§ Data for review
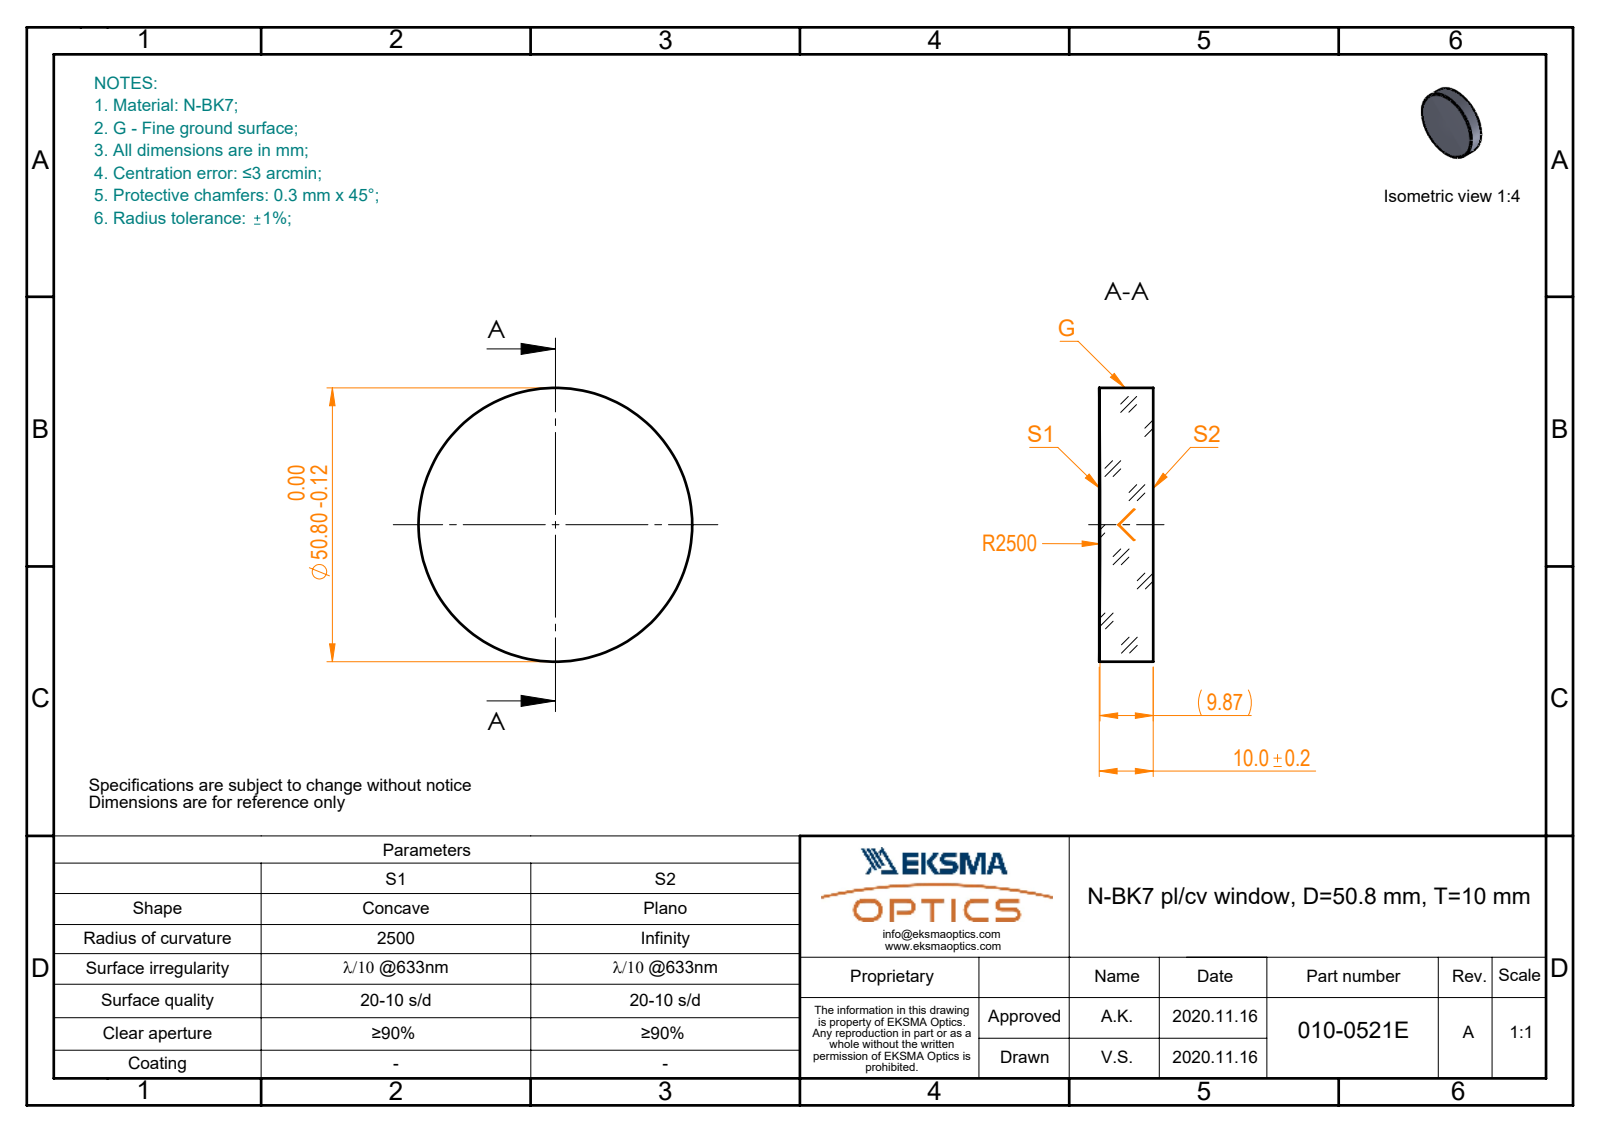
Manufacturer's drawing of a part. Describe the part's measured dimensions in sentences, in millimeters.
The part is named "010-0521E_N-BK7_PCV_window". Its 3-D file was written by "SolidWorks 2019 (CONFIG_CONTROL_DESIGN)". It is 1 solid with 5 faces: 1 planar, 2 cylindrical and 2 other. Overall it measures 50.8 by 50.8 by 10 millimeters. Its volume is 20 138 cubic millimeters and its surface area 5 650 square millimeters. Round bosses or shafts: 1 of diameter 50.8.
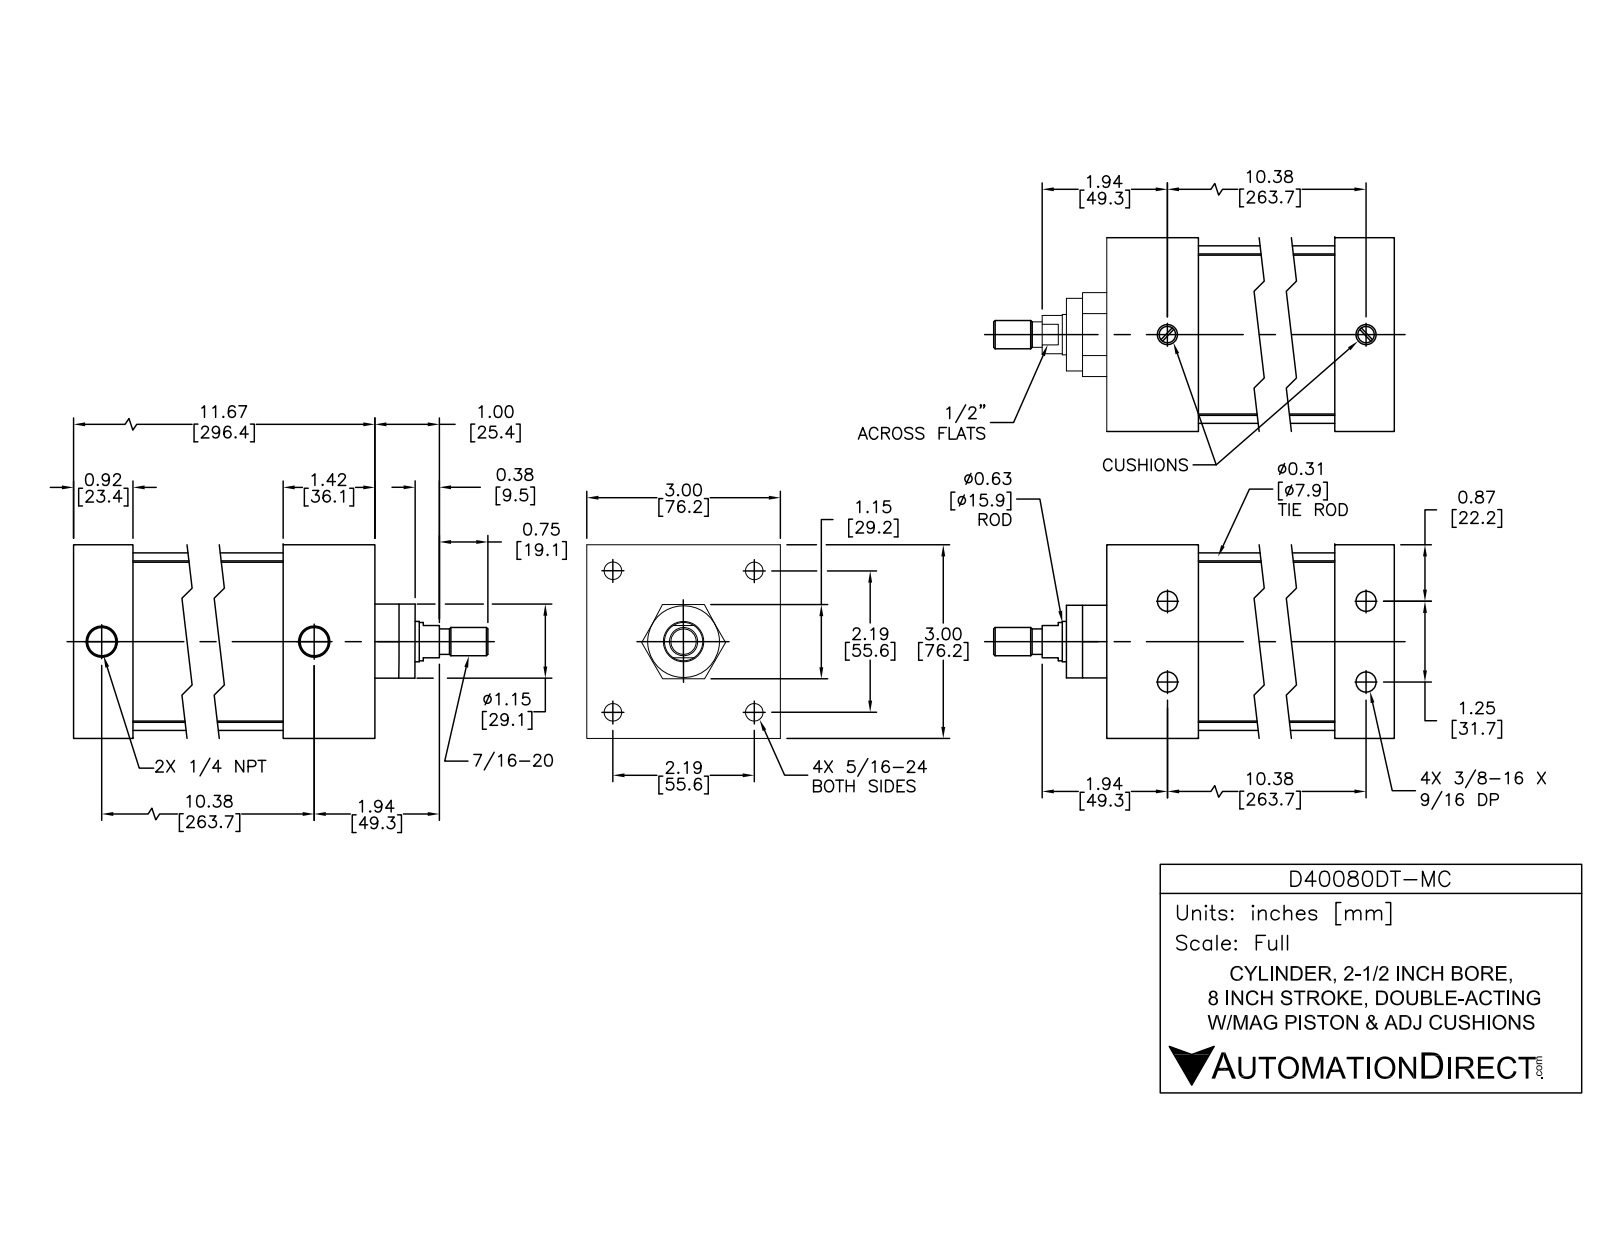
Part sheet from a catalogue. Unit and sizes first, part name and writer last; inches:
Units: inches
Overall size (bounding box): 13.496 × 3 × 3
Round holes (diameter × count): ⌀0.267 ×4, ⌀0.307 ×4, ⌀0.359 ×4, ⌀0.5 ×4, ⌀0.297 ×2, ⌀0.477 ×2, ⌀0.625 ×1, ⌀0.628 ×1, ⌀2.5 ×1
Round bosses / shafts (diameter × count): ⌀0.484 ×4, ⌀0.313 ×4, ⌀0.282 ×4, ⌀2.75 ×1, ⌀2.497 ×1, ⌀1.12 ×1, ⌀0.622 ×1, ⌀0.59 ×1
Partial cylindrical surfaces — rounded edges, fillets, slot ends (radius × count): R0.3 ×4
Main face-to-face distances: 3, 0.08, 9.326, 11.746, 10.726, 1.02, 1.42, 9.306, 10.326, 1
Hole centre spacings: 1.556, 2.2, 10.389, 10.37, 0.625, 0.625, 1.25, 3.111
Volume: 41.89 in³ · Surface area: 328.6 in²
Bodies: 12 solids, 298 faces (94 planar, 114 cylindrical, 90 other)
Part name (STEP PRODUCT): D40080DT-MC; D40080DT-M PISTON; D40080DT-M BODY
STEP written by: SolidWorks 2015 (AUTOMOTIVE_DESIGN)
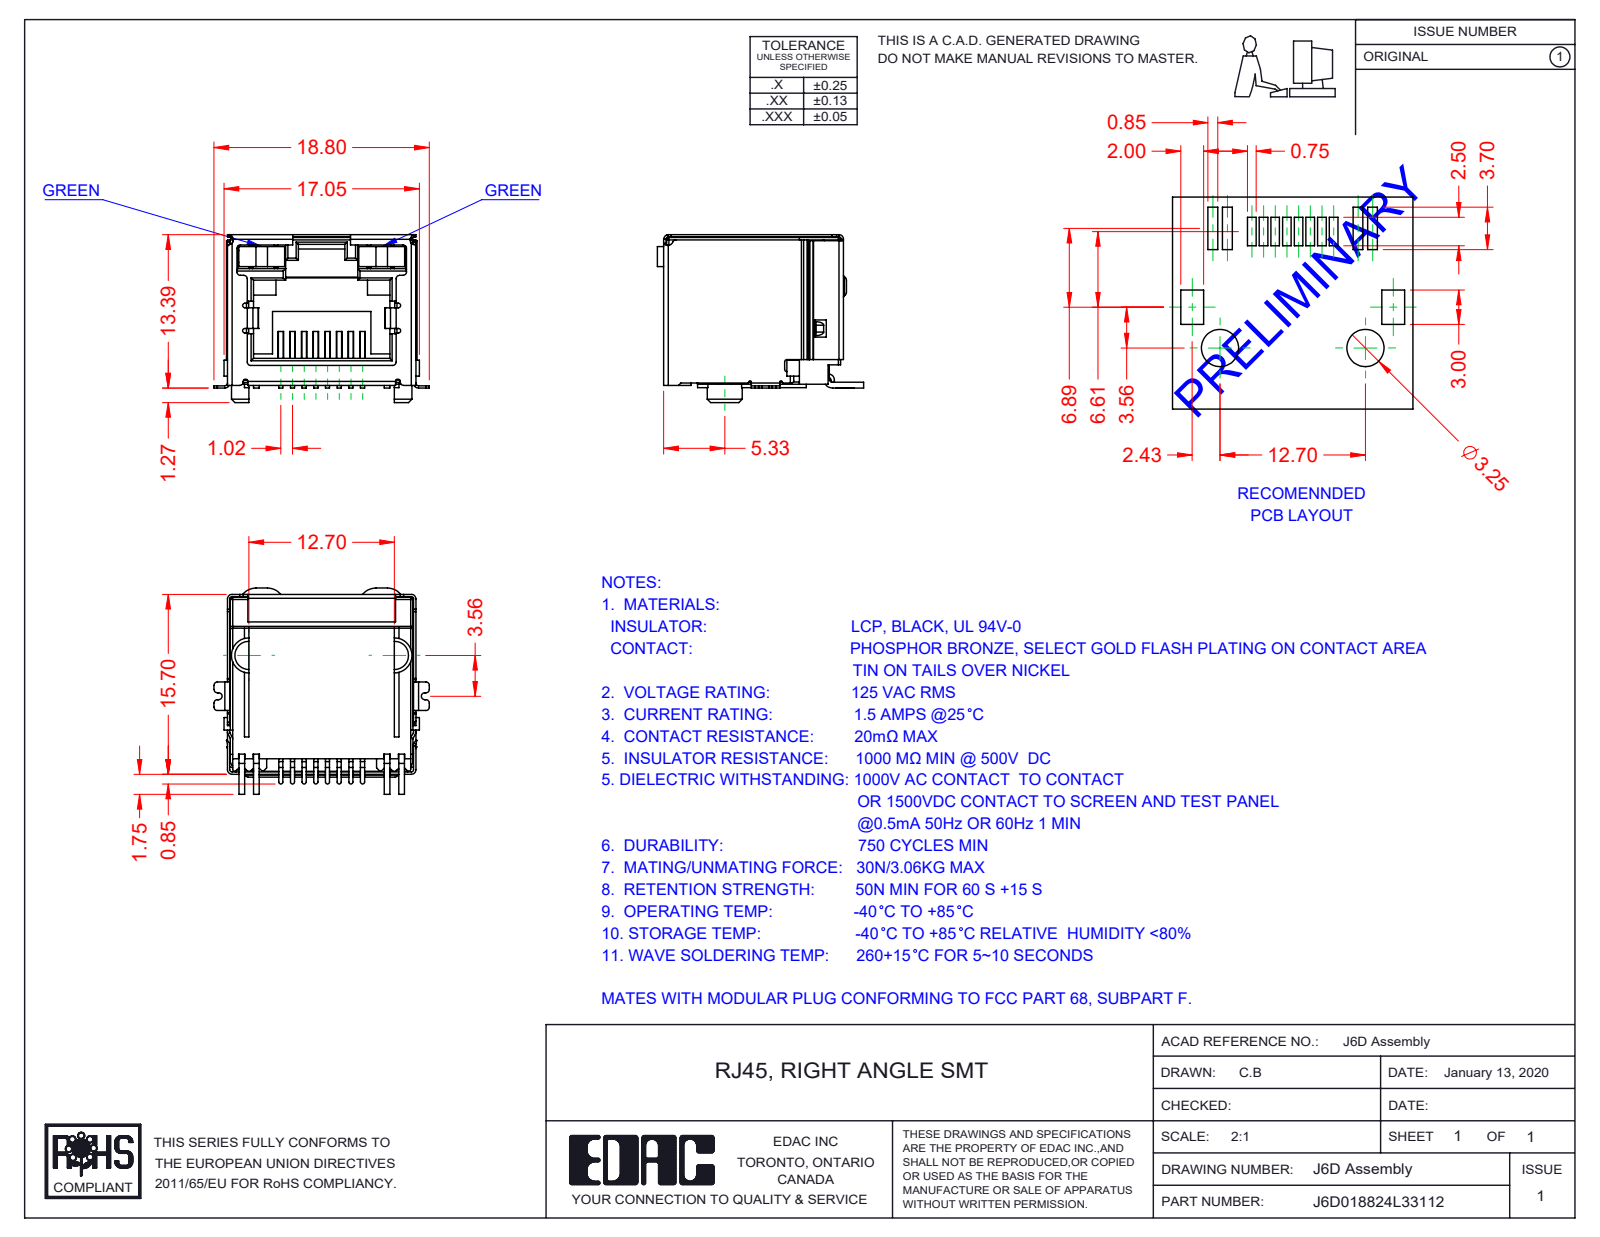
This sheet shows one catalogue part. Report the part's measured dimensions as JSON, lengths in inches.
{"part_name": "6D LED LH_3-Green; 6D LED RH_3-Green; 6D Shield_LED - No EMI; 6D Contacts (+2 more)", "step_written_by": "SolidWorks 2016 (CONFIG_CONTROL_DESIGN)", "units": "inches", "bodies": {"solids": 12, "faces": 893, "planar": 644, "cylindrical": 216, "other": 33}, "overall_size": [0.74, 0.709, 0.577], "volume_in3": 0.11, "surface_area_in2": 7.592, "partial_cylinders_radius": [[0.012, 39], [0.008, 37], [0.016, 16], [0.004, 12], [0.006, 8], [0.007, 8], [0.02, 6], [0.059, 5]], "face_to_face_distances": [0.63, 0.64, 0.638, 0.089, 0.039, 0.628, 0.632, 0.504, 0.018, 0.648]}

§ Aim of the exercise
With the pictures removed, return the data above word for word.

§ Task answer
Manufacturer's drawing of a part. Describe the part's measured dimensions in sentences, in millimeters.
The part is named "010-0521E_N-BK7_PCV_window". Its 3-D file was written by "SolidWorks 2019 (CONFIG_CONTROL_DESIGN)". It is 1 solid with 5 faces: 1 planar, 2 cylindrical and 2 other. Overall it measures 50.8 by 50.8 by 10 millimeters. Its volume is 20 138 cubic millimeters and its surface area 5 650 square millimeters. Round bosses or shafts: 1 of diameter 50.8.
Part sheet from a catalogue. Unit and sizes first, part name and writer last; inches:
Units: inches
Overall size (bounding box): 13.496 × 3 × 3
Round holes (diameter × count): ⌀0.267 ×4, ⌀0.307 ×4, ⌀0.359 ×4, ⌀0.5 ×4, ⌀0.297 ×2, ⌀0.477 ×2, ⌀0.625 ×1, ⌀0.628 ×1, ⌀2.5 ×1
Round bosses / shafts (diameter × count): ⌀0.484 ×4, ⌀0.313 ×4, ⌀0.282 ×4, ⌀2.75 ×1, ⌀2.497 ×1, ⌀1.12 ×1, ⌀0.622 ×1, ⌀0.59 ×1
Partial cylindrical surfaces — rounded edges, fillets, slot ends (radius × count): R0.3 ×4
Main face-to-face distances: 3, 0.08, 9.326, 11.746, 10.726, 1.02, 1.42, 9.306, 10.326, 1
Hole centre spacings: 1.556, 2.2, 10.389, 10.37, 0.625, 0.625, 1.25, 3.111
Volume: 41.89 in³ · Surface area: 328.6 in²
Bodies: 12 solids, 298 faces (94 planar, 114 cylindrical, 90 other)
Part name (STEP PRODUCT): D40080DT-MC; D40080DT-M PISTON; D40080DT-M BODY
STEP written by: SolidWorks 2015 (AUTOMOTIVE_DESIGN)
This sheet shows one catalogue part. Report the part's measured dimensions as JSON, lengths in inches.
{"part_name": "6D LED LH_3-Green; 6D LED RH_3-Green; 6D Shield_LED - No EMI; 6D Contacts (+2 more)", "step_written_by": "SolidWorks 2016 (CONFIG_CONTROL_DESIGN)", "units": "inches", "bodies": {"solids": 12, "faces": 893, "planar": 644, "cylindrical": 216, "other": 33}, "overall_size": [0.74, 0.709, 0.577], "volume_in3": 0.11, "surface_area_in2": 7.592, "partial_cylinders_radius": [[0.012, 39], [0.008, 37], [0.016, 16], [0.004, 12], [0.006, 8], [0.007, 8], [0.02, 6], [0.059, 5]], "face_to_face_distances": [0.63, 0.64, 0.638, 0.089, 0.039, 0.628, 0.632, 0.504, 0.018, 0.648]}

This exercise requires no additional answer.